The hardest thing when you start a boutique is to maintain a culture geographically. In today’s world you have to be in global financial centers to do effective M&A business – so you have to cross boundaries. We are 100-percent owned, we don’t have any subsidiaries, and that’s a way to have a common culture. In this business, culture is more important than almost anything. We now have 15 offices in 5 continents. Years ago, when I started, I had a secretary and a driver, that’s all there was. Now we have 320 people and we're growing all the time.
Would you start an M&A boutique again today?
Probably. I’m pigheaded. When I started I had no master plan. The first transaction I worked on, with Genetics Institute, I didn’t know the company. They read about me in the newspaper and called up and we were successful and transactions started happening. And people started leaving the big conglomerate banks, wanting to be in an advisory culture.

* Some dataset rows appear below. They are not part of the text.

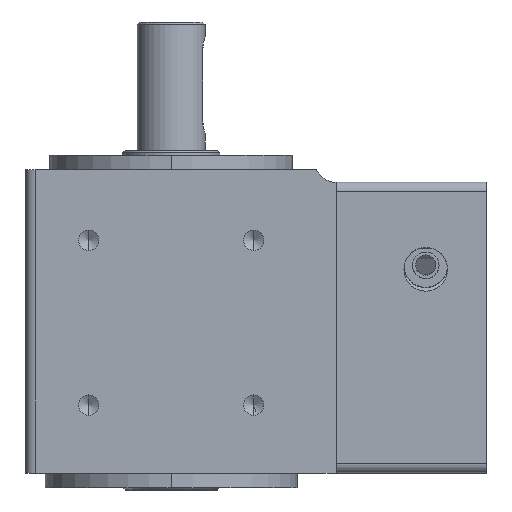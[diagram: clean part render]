
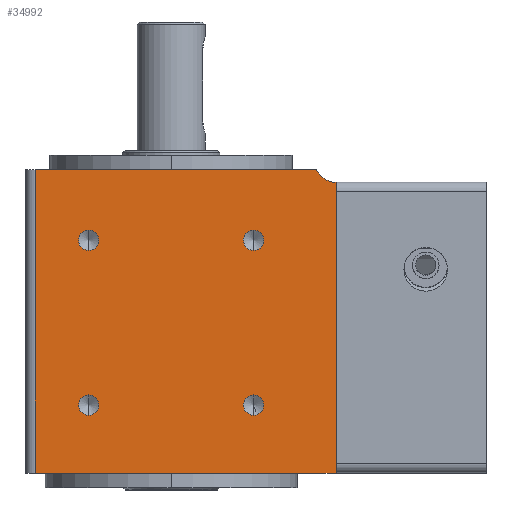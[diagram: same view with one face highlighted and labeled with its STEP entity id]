
A CAD part, left-side view. The second image highlights one B-rep face of the part: STEP entity #34992.
In plain terms, the highlighted planar face has unit normal (-1, 0, 0).
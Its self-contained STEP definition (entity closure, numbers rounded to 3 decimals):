
#6 = FACE_BOUND ( 'NONE', #30642, .T. ) ;
#210 = LINE ( 'NONE', #49055, #21747 ) ;
#925 = ORIENTED_EDGE ( 'NONE', *, *, #22758, .F. ) ;
#928 = EDGE_LOOP ( 'NONE', ( #32654, #22951 ) ) ;
#1095 = EDGE_CURVE ( 'NONE', #20269, #12500, #9693, .T. ) ;
#1165 = DIRECTION ( 'NONE',  ( 0., 0., 1. ) ) ;
#1357 = DIRECTION ( 'NONE',  ( 0., 0., 1. ) ) ;
#1417 = DIRECTION ( 'NONE',  ( 1., 0., 0. ) ) ;
#1468 = CARTESIAN_POINT ( 'NONE',  ( -30., -32., 67.45 ) ) ;
#2616 = ORIENTED_EDGE ( 'NONE', *, *, #12023, .F. ) ;
#2826 = EDGE_CURVE ( 'NONE', #18579, #27730, #15226, .T. ) ;
#3375 = AXIS2_PLACEMENT_3D ( 'NONE', #39319, #15326, #43303 ) ;
#4738 = EDGE_CURVE ( 'NONE', #36627, #39629, #21571, .T. ) ;
#5456 = VERTEX_POINT ( 'NONE', #15366 ) ;
#5778 = ORIENTED_EDGE ( 'NONE', *, *, #4738, .F. ) ;
#6188 = CARTESIAN_POINT ( 'NONE',  ( -30., 30., 65.5 ) ) ;
#6578 = DIRECTION ( 'NONE',  ( 1., 0., 0. ) ) ;
#7080 = DIRECTION ( 'NONE',  ( -1., 0., 0. ) ) ;
#7294 = ORIENTED_EDGE ( 'NONE', *, *, #25205, .F. ) ;
#7397 = ORIENTED_EDGE ( 'NONE', *, *, #37822, .T. ) ;
#8749 = AXIS2_PLACEMENT_3D ( 'NONE', #33063, #8983, #37036 ) ;
#8983 = DIRECTION ( 'NONE',  ( -1., 0., 0. ) ) ;
#9175 = EDGE_LOOP ( 'NONE', ( #925, #7294 ) ) ;
#9693 = CIRCLE ( 'NONE', #50194, 4.5 ) ;
#10088 = CARTESIAN_POINT ( 'NONE',  ( -30., 19., 19.1 ) ) ;
#12023 = EDGE_CURVE ( 'NONE', #47106, #12500, #21180, .T. ) ;
#12500 = VERTEX_POINT ( 'NONE', #24986 ) ;
#14288 = CARTESIAN_POINT ( 'NONE',  ( -30., -15., 53.1 ) ) ;
#14754 = DIRECTION ( 'NONE',  ( -1., 0., 0. ) ) ;
#15208 = CARTESIAN_POINT ( 'NONE',  ( -30., -32., 62.95 ) ) ;
#15226 = CIRCLE ( 'NONE', #25627, 2.1 ) ;
#15326 = DIRECTION ( 'NONE',  ( -1., 0., 0. ) ) ;
#15366 = CARTESIAN_POINT ( 'NONE',  ( -30., 19., 53.1 ) ) ;
#15447 = CIRCLE ( 'NONE', #33224, 2.1 ) ;
#15499 = EDGE_CURVE ( 'NONE', #39629, #36627, #24121, .T. ) ;
#17110 = DIRECTION ( 'NONE',  ( 0., 0., 1. ) ) ;
#18579 = VERTEX_POINT ( 'NONE', #10088 ) ;
#19098 = VECTOR ( 'NONE', #35520, 1000. ) ;
#20269 = VERTEX_POINT ( 'NONE', #15208 ) ;
#20540 = EDGE_LOOP ( 'NONE', ( #41799, #2616, #39432, #33904, #7397 ) ) ;
#20625 = CIRCLE ( 'NONE', #3375, 2.1 ) ;
#20779 = CARTESIAN_POINT ( 'NONE',  ( -30., 19., 14.9 ) ) ;
#21162 = CARTESIAN_POINT ( 'NONE',  ( -30., -15., 17. ) ) ;
#21180 = LINE ( 'NONE', #37677, #39856 ) ;
#21542 = FACE_OUTER_BOUND ( 'NONE', #20540, .T. ) ;
#21571 = CIRCLE ( 'NONE', #25240, 2.1 ) ;
#21742 = DIRECTION ( 'NONE',  ( 0., 0., 1. ) ) ;
#21747 = VECTOR ( 'NONE', #17110, 1000. ) ;
#21778 = DIRECTION ( 'NONE',  ( -1., 0., 0. ) ) ;
#21834 = CARTESIAN_POINT ( 'NONE',  ( -30., -15., 51. ) ) ;
#22142 = AXIS2_PLACEMENT_3D ( 'NONE', #38752, #14754, #42732 ) ;
#22277 = VERTEX_POINT ( 'NONE', #40889 ) ;
#22758 = EDGE_CURVE ( 'NONE', #5456, #47605, #20625, .T. ) ;
#22926 = VERTEX_POINT ( 'NONE', #24373 ) ;
#22951 = ORIENTED_EDGE ( 'NONE', *, *, #43400, .F. ) ;
#23164 = CARTESIAN_POINT ( 'NONE',  ( -30., 0., 3. ) ) ;
#24121 = CIRCLE ( 'NONE', #22142, 2.1 ) ;
#24373 = CARTESIAN_POINT ( 'NONE',  ( -30., -15., 19.1 ) ) ;
#24673 = VERTEX_POINT ( 'NONE', #27300 ) ;
#24986 = CARTESIAN_POINT ( 'NONE',  ( -30., -27.944, 65.5 ) ) ;
#25205 = EDGE_CURVE ( 'NONE', #47605, #5456, #45426, .T. ) ;
#25226 = DIRECTION ( 'NONE',  ( 0., 0., 1. ) ) ;
#25240 = AXIS2_PLACEMENT_3D ( 'NONE', #21834, #21778, #21742 ) ;
#25423 = DIRECTION ( 'NONE',  ( -1., 0., 0. ) ) ;
#25627 = AXIS2_PLACEMENT_3D ( 'NONE', #29784, #29702, #29663 ) ;
#27300 = CARTESIAN_POINT ( 'NONE',  ( -30., -15., 14.9 ) ) ;
#27730 = VERTEX_POINT ( 'NONE', #20779 ) ;
#29110 = ORIENTED_EDGE ( 'NONE', *, *, #15499, .F. ) ;
#29606 = EDGE_CURVE ( 'NONE', #24673, #22926, #15447, .T. ) ;
#29663 = DIRECTION ( 'NONE',  ( 0., 0., 1. ) ) ;
#29702 = DIRECTION ( 'NONE',  ( -1., 0., 0. ) ) ;
#29784 = CARTESIAN_POINT ( 'NONE',  ( -30., 19., 17. ) ) ;
#30632 = ORIENTED_EDGE ( 'NONE', *, *, #49300, .F. ) ;
#30642 = EDGE_LOOP ( 'NONE', ( #30632, #51119 ) ) ;
#30970 = FACE_BOUND ( 'NONE', #51635, .T. ) ;
#31222 = CARTESIAN_POINT ( 'NONE',  ( -30., 19., 51. ) ) ;
#31404 = LINE ( 'NONE', #36088, #51236 ) ;
#32009 = EDGE_CURVE ( 'NONE', #22277, #47106, #210, .T. ) ;
#32380 = AXIS2_PLACEMENT_3D ( 'NONE', #38519, #6578, #34710 ) ;
#32654 = ORIENTED_EDGE ( 'NONE', *, *, #2826, .F. ) ;
#33063 = CARTESIAN_POINT ( 'NONE',  ( -30., 19., 17. ) ) ;
#33224 = AXIS2_PLACEMENT_3D ( 'NONE', #21162, #49032, #25226 ) ;
#33653 = EDGE_CURVE ( 'NONE', #51453, #22277, #49658, .T. ) ;
#33904 = ORIENTED_EDGE ( 'NONE', *, *, #33653, .F. ) ;
#34135 = AXIS2_PLACEMENT_3D ( 'NONE', #31222, #7080, #35199 ) ;
#34237 = CIRCLE ( 'NONE', #50935, 2.1 ) ;
#34710 = DIRECTION ( 'NONE',  ( 0., 0., -1. ) ) ;
#34992 = ADVANCED_FACE ( 'NONE', ( #21542, #6, #42716, #41480, #30970 ), #50497, .F. ) ;
#35199 = DIRECTION ( 'NONE',  ( 0., 0., 1. ) ) ;
#35520 = DIRECTION ( 'NONE',  ( 0., 1., 0. ) ) ;
#36088 = CARTESIAN_POINT ( 'NONE',  ( -30., -32., 68.5 ) ) ;
#36627 = VERTEX_POINT ( 'NONE', #14288 ) ;
#37036 = DIRECTION ( 'NONE',  ( 0., 0., 1. ) ) ;
#37387 = DIRECTION ( 'NONE',  ( 0., -1., 0. ) ) ;
#37677 = CARTESIAN_POINT ( 'NONE',  ( -30., 0., 65.5 ) ) ;
#37822 = EDGE_CURVE ( 'NONE', #51453, #20269, #31404, .T. ) ;
#38519 = CARTESIAN_POINT ( 'NONE',  ( -30., -32., 68.5 ) ) ;
#38752 = CARTESIAN_POINT ( 'NONE',  ( -30., -15., 51. ) ) ;
#39319 = CARTESIAN_POINT ( 'NONE',  ( -30., 19., 51. ) ) ;
#39432 = ORIENTED_EDGE ( 'NONE', *, *, #32009, .F. ) ;
#39629 = VERTEX_POINT ( 'NONE', #44463 ) ;
#39856 = VECTOR ( 'NONE', #37387, 1000. ) ;
#40070 = DIRECTION ( 'NONE',  ( 0., 0., 1. ) ) ;
#40889 = CARTESIAN_POINT ( 'NONE',  ( -30., 30., 3. ) ) ;
#41480 = FACE_BOUND ( 'NONE', #9175, .T. ) ;
#41799 = ORIENTED_EDGE ( 'NONE', *, *, #1095, .T. ) ;
#42716 = FACE_BOUND ( 'NONE', #928, .T. ) ;
#42732 = DIRECTION ( 'NONE',  ( 0., 0., 1. ) ) ;
#43303 = DIRECTION ( 'NONE',  ( 0., 0., 1. ) ) ;
#43400 = EDGE_CURVE ( 'NONE', #27730, #18579, #50133, .T. ) ;
#44463 = CARTESIAN_POINT ( 'NONE',  ( -30., -15., 48.9 ) ) ;
#44829 = CARTESIAN_POINT ( 'NONE',  ( -30., -32., 3. ) ) ;
#45426 = CIRCLE ( 'NONE', #34135, 2.1 ) ;
#47106 = VERTEX_POINT ( 'NONE', #6188 ) ;
#47308 = CARTESIAN_POINT ( 'NONE',  ( -30., 19., 48.9 ) ) ;
#47605 = VERTEX_POINT ( 'NONE', #47308 ) ;
#49032 = DIRECTION ( 'NONE',  ( -1., 0., 0. ) ) ;
#49055 = CARTESIAN_POINT ( 'NONE',  ( -30., 30., 68.5 ) ) ;
#49222 = CARTESIAN_POINT ( 'NONE',  ( -30., -15., 17. ) ) ;
#49300 = EDGE_CURVE ( 'NONE', #22926, #24673, #34237, .T. ) ;
#49658 = LINE ( 'NONE', #23164, #19098 ) ;
#50133 = CIRCLE ( 'NONE', #8749, 2.1 ) ;
#50194 = AXIS2_PLACEMENT_3D ( 'NONE', #1468, #1417, #1357 ) ;
#50497 = PLANE ( 'NONE',  #32380 ) ;
#50935 = AXIS2_PLACEMENT_3D ( 'NONE', #49222, #25423, #1165 ) ;
#51119 = ORIENTED_EDGE ( 'NONE', *, *, #29606, .F. ) ;
#51236 = VECTOR ( 'NONE', #40070, 1000. ) ;
#51453 = VERTEX_POINT ( 'NONE', #44829 ) ;
#51635 = EDGE_LOOP ( 'NONE', ( #5778, #29110 ) ) ;

Is that happening again today?
Yes. I think most people you would respect as very effective M&A practitioners don’t want to be in a big conglomerate bank. One of the reasons is conflict of interest. If you come to a big bank and you have a proposition, it’s very hard to keep it confidential.
You’re 79, are you thinking about retiring?
I should have retired a long time ago but as long as my health permits and my judgment has value to the clients – I enjoy what I do. I’ve been lucky.